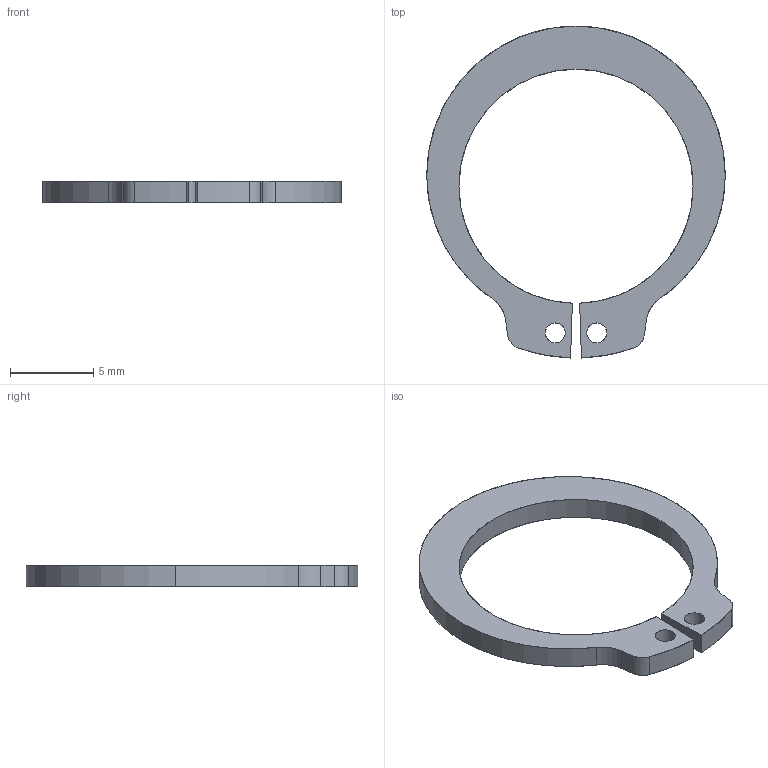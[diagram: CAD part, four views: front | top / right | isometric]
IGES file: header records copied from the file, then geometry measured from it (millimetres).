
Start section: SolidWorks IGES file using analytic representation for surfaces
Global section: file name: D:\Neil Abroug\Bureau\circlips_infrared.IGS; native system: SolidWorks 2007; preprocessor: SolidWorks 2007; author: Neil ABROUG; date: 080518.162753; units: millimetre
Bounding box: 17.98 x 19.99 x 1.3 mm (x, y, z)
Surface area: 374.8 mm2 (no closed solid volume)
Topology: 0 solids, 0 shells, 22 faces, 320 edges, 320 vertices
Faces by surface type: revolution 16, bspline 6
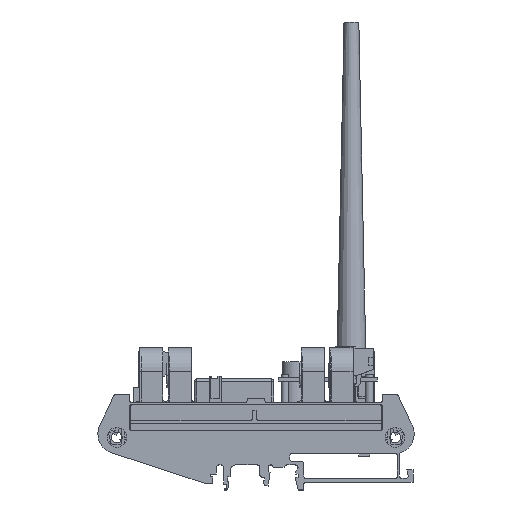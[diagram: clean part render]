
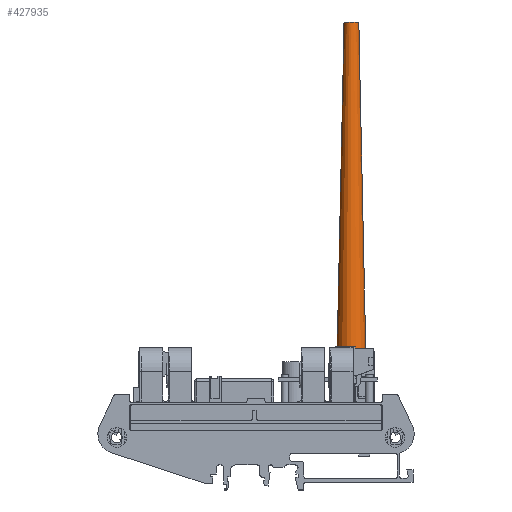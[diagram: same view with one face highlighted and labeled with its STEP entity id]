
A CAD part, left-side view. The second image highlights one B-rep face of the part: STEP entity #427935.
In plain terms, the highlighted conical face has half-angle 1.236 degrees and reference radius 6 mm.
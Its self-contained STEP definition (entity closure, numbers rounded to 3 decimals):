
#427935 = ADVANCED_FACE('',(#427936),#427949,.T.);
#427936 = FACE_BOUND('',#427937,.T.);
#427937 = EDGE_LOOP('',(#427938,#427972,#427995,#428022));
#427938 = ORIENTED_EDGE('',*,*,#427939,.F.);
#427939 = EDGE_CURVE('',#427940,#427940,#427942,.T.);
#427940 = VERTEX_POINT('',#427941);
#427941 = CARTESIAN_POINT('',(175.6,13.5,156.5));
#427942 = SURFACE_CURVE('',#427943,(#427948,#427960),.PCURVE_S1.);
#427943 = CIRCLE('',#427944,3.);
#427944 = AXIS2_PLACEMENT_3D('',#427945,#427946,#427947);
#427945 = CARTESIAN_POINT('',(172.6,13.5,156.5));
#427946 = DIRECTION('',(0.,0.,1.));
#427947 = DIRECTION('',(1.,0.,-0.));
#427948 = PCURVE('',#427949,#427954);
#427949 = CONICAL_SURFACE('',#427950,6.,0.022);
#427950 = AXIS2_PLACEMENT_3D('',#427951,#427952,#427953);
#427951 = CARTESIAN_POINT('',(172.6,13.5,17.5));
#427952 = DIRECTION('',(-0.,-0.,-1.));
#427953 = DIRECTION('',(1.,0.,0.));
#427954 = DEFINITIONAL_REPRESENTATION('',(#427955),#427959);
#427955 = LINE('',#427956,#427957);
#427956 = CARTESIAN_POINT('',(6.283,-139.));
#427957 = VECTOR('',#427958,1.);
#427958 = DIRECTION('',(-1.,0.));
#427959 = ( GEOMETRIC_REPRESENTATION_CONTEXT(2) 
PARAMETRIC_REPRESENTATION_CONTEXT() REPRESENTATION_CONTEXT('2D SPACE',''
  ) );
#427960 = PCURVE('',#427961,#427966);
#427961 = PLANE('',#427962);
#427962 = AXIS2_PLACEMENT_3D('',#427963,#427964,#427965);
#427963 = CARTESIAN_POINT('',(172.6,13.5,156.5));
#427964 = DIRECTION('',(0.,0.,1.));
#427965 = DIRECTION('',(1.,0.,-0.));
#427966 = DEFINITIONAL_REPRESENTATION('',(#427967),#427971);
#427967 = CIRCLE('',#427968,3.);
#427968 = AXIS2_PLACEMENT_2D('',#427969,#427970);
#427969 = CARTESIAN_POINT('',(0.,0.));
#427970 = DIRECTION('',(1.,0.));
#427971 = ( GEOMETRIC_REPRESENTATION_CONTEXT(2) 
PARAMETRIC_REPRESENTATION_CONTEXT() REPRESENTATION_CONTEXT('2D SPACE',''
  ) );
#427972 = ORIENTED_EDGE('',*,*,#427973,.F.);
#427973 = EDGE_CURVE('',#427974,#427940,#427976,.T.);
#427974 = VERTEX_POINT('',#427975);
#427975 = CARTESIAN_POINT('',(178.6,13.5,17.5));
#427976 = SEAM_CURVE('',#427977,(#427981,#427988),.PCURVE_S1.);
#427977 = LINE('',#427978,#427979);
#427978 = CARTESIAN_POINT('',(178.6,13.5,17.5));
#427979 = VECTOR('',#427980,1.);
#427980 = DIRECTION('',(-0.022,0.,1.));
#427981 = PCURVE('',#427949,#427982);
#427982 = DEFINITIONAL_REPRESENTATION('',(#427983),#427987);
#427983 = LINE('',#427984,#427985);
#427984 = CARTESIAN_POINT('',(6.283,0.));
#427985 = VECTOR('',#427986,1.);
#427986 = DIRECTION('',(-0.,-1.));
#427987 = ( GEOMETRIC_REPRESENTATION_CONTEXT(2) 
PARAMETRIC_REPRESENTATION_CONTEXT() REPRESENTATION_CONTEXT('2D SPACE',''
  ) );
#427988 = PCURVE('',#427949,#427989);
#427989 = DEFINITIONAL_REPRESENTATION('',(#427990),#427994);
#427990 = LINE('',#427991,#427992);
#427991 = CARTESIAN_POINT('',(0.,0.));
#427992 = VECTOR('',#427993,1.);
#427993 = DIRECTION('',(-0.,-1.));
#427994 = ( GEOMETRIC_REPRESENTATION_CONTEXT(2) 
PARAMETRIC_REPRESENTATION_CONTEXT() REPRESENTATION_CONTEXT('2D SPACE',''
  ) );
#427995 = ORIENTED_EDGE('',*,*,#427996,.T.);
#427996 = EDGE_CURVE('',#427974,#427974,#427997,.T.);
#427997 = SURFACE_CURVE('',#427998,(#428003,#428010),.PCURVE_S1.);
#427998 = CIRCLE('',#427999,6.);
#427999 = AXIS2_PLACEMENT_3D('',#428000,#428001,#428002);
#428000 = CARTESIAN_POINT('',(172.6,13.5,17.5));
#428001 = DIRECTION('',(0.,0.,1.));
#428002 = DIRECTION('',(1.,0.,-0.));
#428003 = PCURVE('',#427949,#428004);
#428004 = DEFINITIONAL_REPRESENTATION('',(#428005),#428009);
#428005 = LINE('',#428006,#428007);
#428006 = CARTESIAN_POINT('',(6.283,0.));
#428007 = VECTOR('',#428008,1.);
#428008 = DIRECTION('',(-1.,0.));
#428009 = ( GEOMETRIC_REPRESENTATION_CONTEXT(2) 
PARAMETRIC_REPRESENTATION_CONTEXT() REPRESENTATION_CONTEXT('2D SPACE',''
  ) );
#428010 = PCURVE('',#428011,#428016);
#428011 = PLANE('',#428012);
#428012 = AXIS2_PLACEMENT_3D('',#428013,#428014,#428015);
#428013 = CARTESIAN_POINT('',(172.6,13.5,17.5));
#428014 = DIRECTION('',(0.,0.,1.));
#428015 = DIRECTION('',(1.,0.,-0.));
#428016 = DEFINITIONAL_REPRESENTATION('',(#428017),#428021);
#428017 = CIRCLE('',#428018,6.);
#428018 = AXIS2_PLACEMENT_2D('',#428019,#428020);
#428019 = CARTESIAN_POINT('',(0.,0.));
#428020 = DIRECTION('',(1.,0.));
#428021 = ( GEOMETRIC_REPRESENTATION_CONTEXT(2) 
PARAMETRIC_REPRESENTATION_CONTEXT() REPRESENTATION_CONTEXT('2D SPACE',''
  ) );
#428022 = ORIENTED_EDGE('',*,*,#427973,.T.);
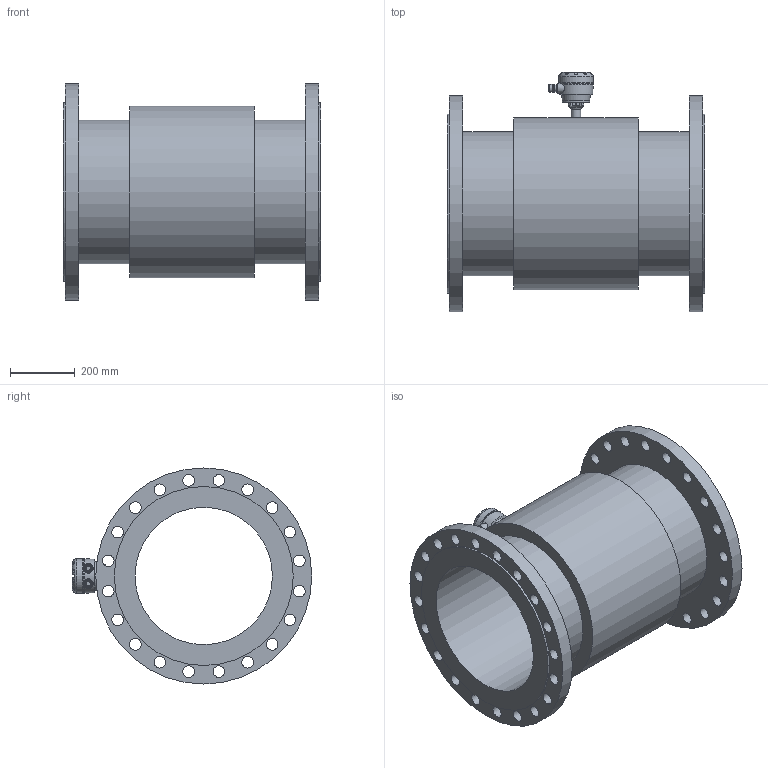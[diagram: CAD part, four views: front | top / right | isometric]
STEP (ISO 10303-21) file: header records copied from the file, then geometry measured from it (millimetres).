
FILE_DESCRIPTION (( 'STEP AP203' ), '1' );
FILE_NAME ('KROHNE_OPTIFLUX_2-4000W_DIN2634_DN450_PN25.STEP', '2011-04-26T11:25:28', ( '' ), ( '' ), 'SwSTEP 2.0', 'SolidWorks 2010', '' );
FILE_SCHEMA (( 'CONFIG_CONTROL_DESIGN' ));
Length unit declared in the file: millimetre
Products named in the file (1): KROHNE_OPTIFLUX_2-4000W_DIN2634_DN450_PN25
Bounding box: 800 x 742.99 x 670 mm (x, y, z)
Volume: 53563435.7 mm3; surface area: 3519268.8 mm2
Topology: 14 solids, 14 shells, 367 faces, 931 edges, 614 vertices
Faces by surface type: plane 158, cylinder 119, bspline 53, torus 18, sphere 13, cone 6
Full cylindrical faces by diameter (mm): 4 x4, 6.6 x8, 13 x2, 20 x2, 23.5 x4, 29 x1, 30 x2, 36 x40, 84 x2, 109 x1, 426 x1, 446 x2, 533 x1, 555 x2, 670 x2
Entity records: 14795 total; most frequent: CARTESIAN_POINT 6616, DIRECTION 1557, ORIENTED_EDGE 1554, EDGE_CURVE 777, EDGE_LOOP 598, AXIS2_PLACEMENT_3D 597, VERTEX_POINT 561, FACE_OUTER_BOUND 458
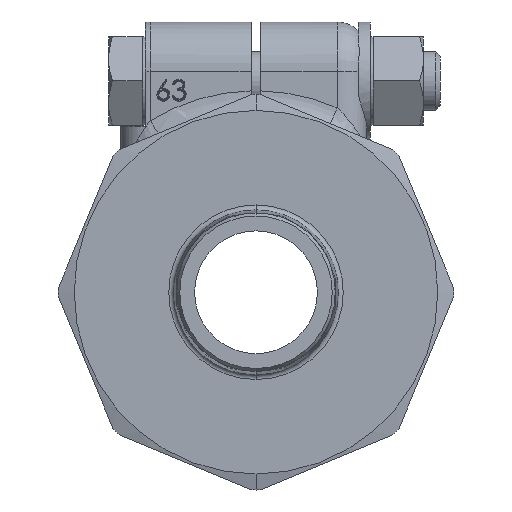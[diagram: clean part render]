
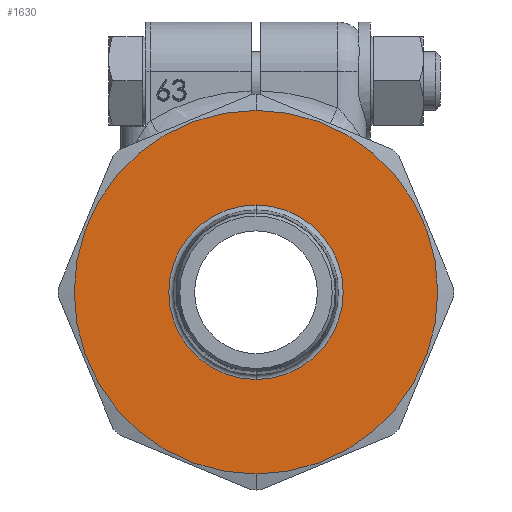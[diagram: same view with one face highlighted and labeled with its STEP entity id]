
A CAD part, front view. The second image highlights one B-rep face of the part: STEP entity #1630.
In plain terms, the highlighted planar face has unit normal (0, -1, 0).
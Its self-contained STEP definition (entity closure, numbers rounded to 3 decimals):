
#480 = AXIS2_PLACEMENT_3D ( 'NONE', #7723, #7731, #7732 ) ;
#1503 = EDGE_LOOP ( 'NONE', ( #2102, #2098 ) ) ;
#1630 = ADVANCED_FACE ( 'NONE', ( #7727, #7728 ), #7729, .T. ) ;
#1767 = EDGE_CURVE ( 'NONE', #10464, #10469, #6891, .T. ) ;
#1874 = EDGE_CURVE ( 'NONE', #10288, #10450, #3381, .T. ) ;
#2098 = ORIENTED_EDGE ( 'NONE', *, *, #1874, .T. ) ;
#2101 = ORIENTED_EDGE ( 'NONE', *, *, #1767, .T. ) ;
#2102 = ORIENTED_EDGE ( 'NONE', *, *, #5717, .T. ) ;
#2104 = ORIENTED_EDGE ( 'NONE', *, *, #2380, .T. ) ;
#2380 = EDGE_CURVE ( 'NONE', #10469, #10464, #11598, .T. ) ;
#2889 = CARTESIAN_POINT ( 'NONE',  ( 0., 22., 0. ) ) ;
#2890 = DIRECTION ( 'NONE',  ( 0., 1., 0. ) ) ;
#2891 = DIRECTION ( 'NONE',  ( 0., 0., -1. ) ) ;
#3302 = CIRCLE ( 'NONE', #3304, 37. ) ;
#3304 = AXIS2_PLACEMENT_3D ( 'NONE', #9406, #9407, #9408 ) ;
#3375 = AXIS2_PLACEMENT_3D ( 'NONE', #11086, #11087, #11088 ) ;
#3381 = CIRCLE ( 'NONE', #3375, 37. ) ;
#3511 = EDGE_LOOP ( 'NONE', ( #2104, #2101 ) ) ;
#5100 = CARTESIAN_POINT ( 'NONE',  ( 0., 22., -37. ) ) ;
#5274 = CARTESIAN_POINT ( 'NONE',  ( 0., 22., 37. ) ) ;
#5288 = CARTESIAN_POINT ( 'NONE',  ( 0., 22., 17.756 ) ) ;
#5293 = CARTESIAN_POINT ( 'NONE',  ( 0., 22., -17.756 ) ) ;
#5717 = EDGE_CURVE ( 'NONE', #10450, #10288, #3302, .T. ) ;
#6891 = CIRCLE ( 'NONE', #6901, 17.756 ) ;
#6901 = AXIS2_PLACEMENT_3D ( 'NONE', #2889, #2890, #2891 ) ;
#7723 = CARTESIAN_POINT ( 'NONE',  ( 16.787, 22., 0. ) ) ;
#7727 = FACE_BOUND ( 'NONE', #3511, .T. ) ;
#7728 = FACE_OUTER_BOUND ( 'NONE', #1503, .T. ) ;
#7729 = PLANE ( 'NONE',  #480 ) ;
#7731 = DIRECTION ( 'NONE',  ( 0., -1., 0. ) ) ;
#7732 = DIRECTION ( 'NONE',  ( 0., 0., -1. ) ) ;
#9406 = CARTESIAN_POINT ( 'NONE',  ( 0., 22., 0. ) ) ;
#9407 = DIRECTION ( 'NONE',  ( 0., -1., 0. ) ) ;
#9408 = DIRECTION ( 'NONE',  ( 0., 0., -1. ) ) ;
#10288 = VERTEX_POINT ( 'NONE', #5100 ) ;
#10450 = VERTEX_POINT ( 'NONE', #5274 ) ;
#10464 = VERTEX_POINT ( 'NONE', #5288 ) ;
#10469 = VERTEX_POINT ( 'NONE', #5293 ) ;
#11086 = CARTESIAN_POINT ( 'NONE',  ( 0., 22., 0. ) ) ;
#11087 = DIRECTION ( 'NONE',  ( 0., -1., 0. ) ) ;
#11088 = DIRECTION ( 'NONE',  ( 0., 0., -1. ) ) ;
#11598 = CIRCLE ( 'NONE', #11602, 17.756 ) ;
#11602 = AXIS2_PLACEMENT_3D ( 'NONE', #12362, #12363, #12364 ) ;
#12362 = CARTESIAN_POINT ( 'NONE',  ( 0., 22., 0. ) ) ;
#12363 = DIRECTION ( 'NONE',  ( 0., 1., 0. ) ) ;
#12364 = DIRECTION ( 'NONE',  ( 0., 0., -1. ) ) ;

□ □ □ □ □

Copy each line above where "solids" appears.

### Task result
Topology: 0 solids, 0 shells, 22 faces, 320 edges, 320 vertices
Topology: 14 solids, 14 shells, 367 faces, 931 edges, 614 vertices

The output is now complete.